Filter the material below so that only lines containing "subcontext" remain.

START INFORMATION SUPPLIED

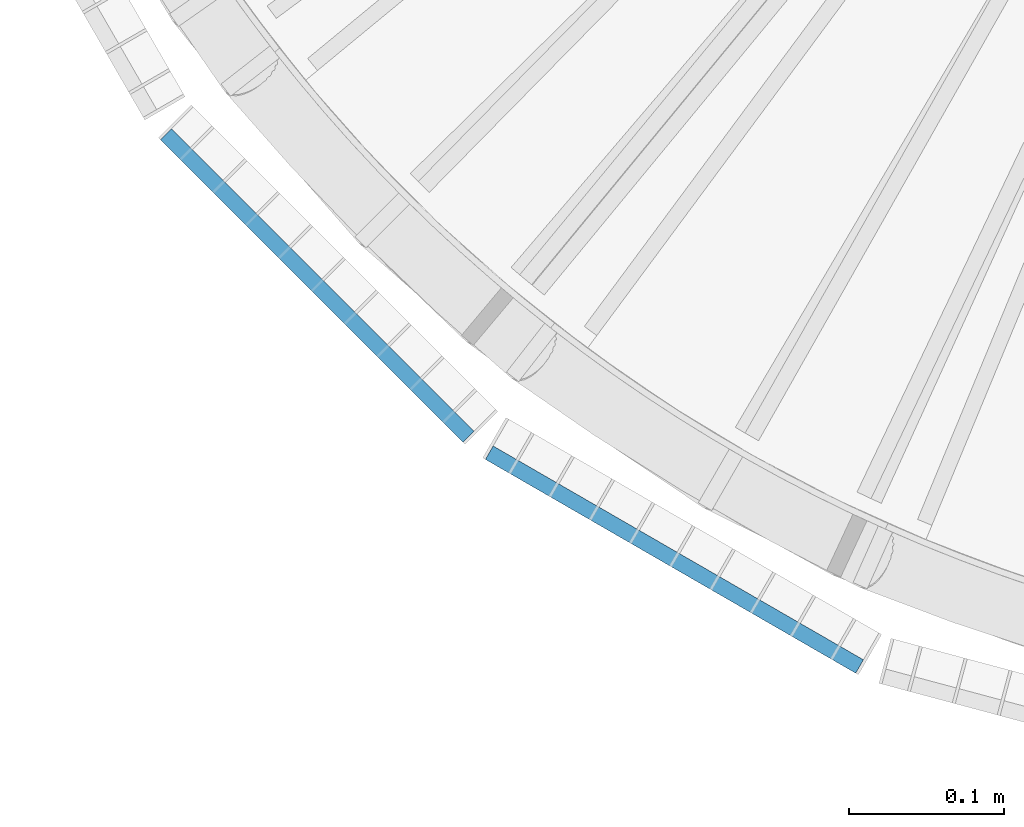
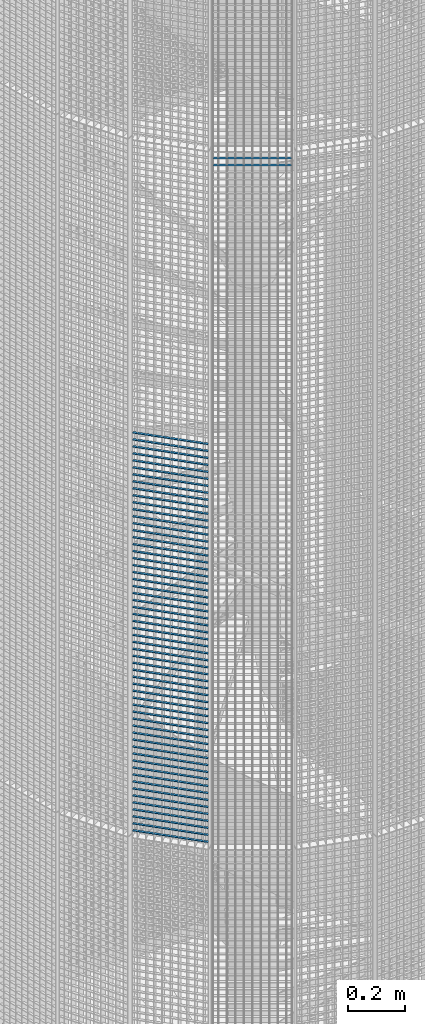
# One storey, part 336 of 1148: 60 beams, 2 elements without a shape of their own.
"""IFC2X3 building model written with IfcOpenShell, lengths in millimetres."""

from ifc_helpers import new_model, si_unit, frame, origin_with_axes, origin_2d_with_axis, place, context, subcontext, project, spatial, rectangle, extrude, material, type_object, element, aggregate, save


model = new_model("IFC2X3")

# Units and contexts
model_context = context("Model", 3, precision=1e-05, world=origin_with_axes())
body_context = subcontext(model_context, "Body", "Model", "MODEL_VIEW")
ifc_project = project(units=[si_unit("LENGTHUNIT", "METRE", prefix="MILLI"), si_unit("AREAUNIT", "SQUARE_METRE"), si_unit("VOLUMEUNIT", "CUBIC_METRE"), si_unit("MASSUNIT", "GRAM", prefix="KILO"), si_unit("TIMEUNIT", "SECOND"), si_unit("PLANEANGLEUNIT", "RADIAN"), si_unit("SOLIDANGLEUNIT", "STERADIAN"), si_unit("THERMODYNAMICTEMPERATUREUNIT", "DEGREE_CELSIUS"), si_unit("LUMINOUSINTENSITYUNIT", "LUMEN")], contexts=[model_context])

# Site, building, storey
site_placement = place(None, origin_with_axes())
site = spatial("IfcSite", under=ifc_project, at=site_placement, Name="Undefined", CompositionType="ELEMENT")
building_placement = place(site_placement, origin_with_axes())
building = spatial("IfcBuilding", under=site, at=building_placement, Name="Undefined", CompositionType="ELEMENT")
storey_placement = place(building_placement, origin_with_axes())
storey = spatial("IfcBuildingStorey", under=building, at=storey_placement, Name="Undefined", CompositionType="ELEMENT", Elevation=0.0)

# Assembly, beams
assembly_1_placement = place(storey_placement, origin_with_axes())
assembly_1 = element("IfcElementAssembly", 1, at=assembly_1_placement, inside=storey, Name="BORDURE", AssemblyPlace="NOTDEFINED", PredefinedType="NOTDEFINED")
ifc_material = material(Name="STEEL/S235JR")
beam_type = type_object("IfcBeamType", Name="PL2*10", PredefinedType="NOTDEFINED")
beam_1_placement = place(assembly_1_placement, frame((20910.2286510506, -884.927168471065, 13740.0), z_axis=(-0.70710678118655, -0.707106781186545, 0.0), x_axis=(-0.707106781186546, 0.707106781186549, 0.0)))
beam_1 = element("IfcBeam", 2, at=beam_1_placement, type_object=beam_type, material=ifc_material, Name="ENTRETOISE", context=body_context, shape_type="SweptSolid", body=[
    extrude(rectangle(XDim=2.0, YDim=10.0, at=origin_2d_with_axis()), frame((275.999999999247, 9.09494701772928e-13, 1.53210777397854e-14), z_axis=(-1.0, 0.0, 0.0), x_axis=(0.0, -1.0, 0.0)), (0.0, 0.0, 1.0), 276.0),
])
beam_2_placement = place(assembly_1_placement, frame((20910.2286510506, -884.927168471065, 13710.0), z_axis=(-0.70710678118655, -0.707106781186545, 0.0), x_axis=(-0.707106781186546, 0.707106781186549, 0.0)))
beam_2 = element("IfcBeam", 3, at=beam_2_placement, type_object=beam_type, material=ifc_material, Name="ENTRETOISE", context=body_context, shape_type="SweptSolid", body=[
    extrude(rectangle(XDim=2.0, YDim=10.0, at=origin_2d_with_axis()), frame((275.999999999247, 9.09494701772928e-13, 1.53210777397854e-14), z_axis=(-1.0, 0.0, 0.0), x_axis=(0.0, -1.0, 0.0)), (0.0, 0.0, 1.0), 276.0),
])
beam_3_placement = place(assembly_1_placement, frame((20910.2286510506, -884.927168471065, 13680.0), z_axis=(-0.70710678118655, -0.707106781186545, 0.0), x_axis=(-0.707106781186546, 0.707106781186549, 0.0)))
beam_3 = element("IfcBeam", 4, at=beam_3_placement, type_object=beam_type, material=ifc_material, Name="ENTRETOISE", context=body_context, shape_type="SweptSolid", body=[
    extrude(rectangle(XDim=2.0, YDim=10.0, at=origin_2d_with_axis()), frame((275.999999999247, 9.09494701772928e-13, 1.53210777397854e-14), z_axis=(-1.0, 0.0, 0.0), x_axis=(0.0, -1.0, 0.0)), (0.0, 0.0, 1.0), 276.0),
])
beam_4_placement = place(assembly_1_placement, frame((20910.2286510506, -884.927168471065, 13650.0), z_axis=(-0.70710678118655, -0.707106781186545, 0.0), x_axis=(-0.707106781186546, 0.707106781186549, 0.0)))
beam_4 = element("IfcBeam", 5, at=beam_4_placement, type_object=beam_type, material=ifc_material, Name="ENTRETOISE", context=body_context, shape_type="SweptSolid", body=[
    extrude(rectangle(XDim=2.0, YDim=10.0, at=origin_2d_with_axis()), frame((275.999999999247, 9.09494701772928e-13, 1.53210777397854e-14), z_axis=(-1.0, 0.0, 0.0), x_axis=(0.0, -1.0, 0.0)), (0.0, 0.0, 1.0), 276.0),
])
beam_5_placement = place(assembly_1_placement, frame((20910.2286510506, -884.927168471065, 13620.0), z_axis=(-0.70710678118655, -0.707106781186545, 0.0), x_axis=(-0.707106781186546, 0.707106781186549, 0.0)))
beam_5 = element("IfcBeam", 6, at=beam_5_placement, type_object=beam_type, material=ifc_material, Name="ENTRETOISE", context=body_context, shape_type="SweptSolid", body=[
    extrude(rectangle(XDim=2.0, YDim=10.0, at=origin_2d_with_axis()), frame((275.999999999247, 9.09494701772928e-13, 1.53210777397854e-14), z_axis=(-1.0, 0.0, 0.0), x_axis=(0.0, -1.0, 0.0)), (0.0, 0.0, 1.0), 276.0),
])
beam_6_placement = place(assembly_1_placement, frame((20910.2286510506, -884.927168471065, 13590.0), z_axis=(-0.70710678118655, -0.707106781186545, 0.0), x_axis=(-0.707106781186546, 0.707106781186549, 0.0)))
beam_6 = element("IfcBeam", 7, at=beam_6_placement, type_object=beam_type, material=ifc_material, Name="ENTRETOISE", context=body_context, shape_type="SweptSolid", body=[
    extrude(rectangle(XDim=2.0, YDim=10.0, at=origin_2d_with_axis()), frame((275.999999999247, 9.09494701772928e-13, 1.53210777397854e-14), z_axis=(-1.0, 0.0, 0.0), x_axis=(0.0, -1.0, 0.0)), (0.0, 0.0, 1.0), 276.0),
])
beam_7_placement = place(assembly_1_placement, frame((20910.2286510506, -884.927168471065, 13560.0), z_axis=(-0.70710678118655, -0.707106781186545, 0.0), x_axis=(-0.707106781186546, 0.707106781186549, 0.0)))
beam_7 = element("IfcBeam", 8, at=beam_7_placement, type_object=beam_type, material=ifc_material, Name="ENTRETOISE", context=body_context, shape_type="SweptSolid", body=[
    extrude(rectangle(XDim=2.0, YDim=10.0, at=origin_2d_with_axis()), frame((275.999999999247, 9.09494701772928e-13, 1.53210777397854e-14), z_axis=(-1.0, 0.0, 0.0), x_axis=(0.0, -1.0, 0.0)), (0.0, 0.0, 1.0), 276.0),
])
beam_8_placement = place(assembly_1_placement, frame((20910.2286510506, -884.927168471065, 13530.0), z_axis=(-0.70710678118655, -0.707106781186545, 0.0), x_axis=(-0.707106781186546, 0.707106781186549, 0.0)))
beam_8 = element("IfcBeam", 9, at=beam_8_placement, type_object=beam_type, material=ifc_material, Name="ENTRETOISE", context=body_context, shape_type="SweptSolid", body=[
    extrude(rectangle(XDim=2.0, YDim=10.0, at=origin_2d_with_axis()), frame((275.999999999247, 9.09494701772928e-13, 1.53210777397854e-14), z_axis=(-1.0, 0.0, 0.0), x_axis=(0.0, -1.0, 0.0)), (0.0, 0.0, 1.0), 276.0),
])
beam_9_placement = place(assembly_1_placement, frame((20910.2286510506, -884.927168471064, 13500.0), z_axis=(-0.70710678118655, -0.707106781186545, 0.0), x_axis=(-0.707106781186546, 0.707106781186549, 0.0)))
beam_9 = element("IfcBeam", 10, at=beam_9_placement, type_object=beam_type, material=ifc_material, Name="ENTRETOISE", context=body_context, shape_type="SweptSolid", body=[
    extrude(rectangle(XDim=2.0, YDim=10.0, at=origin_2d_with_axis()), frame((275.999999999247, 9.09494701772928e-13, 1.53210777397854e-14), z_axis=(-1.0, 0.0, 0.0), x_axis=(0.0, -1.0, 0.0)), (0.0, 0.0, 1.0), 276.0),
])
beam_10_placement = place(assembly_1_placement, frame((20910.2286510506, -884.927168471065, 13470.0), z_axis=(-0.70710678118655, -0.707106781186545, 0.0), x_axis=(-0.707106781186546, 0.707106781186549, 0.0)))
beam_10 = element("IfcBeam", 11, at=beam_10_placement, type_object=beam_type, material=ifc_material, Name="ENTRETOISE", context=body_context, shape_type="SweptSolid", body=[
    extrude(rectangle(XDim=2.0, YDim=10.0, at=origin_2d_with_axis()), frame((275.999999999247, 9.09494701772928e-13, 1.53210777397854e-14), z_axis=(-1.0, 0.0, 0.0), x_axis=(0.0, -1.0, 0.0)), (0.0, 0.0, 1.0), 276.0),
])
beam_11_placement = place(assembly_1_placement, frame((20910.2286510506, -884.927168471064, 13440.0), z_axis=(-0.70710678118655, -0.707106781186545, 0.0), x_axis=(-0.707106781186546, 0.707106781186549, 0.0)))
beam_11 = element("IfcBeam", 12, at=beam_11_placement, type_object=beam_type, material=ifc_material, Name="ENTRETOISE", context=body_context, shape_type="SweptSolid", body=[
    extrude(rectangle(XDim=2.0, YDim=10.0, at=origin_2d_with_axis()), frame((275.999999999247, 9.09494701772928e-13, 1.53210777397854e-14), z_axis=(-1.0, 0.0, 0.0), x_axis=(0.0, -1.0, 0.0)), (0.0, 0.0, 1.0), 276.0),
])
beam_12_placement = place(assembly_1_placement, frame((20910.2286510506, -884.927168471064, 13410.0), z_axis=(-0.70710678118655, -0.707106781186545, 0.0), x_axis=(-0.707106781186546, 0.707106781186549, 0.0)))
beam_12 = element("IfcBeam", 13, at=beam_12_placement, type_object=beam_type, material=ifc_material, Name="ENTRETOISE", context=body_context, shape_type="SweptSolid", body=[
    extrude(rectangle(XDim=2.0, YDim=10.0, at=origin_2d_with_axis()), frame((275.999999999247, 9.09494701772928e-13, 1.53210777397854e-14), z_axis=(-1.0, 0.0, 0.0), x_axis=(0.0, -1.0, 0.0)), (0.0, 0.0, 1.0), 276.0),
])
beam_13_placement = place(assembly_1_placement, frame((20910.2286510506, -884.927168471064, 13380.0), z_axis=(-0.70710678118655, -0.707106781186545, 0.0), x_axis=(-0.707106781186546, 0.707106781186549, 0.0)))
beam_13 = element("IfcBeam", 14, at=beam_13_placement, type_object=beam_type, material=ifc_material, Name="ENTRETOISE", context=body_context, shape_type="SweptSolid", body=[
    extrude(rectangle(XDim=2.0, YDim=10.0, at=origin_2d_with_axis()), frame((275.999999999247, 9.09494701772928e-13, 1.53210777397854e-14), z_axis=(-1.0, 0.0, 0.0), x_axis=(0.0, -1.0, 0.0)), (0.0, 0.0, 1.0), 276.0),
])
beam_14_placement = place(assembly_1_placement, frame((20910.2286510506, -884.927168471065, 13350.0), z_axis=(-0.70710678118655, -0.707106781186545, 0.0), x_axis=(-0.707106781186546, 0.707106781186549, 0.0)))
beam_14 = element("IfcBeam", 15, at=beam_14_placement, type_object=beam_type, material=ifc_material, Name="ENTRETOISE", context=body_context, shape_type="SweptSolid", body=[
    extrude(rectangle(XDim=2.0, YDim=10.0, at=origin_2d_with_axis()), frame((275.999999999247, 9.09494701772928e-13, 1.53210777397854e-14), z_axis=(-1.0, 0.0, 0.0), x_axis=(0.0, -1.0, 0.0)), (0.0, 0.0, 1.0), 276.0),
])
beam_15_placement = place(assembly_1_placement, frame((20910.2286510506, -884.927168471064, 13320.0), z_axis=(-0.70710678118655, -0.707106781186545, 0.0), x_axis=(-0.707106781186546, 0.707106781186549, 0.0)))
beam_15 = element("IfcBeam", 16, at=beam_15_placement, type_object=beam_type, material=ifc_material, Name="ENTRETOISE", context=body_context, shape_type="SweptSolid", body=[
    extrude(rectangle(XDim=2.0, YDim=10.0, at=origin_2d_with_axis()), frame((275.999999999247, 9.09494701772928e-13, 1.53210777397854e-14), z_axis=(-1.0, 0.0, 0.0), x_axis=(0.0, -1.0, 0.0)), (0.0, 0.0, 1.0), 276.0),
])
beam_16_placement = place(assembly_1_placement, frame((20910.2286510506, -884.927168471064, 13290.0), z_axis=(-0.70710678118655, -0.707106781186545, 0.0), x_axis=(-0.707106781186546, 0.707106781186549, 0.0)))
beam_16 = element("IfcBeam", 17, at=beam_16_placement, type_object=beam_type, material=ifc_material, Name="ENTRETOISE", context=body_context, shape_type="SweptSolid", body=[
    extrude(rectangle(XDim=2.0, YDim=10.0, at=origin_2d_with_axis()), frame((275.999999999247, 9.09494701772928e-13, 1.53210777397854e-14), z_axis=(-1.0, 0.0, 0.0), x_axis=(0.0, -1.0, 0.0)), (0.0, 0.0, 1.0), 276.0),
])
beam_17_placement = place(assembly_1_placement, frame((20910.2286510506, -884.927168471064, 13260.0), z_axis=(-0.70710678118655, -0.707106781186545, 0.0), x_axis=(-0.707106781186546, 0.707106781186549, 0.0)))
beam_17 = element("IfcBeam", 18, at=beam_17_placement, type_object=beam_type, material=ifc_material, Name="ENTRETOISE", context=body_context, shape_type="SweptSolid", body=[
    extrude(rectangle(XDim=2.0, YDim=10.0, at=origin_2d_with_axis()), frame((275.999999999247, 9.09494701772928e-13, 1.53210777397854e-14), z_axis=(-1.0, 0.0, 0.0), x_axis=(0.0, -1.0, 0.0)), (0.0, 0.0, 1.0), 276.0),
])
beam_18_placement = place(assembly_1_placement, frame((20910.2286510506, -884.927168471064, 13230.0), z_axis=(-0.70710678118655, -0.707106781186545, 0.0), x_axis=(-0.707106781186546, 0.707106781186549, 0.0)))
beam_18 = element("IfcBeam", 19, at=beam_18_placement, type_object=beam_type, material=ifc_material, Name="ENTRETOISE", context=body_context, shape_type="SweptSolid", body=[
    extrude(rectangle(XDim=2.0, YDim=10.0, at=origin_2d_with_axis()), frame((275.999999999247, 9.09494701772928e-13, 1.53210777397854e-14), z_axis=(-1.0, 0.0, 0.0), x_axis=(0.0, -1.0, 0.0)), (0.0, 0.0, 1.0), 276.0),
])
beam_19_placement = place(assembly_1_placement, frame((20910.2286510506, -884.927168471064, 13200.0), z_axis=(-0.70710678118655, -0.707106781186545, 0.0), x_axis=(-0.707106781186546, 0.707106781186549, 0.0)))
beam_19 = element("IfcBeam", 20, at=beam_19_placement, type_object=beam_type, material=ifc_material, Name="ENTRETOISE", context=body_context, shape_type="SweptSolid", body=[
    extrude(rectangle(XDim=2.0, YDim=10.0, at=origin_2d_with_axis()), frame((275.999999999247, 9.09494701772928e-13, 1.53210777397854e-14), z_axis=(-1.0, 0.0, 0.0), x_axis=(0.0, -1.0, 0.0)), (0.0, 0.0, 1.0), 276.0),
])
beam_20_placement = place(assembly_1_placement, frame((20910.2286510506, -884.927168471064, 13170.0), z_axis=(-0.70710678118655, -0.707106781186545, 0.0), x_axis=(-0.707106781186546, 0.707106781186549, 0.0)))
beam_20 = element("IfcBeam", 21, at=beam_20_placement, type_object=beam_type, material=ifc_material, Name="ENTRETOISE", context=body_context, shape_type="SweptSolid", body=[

END INFORMATION SUPPLIED

§ **RESPONSE AREA**:
from ifc_helpers import new_model, si_unit, frame, origin_with_axes, origin_2d_with_axis, place, context, subcontext, project, spatial, rectangle, extrude, material, type_object, element, aggregate, save
body_context = subcontext(model_context, "Body", "Model", "MODEL_VIEW")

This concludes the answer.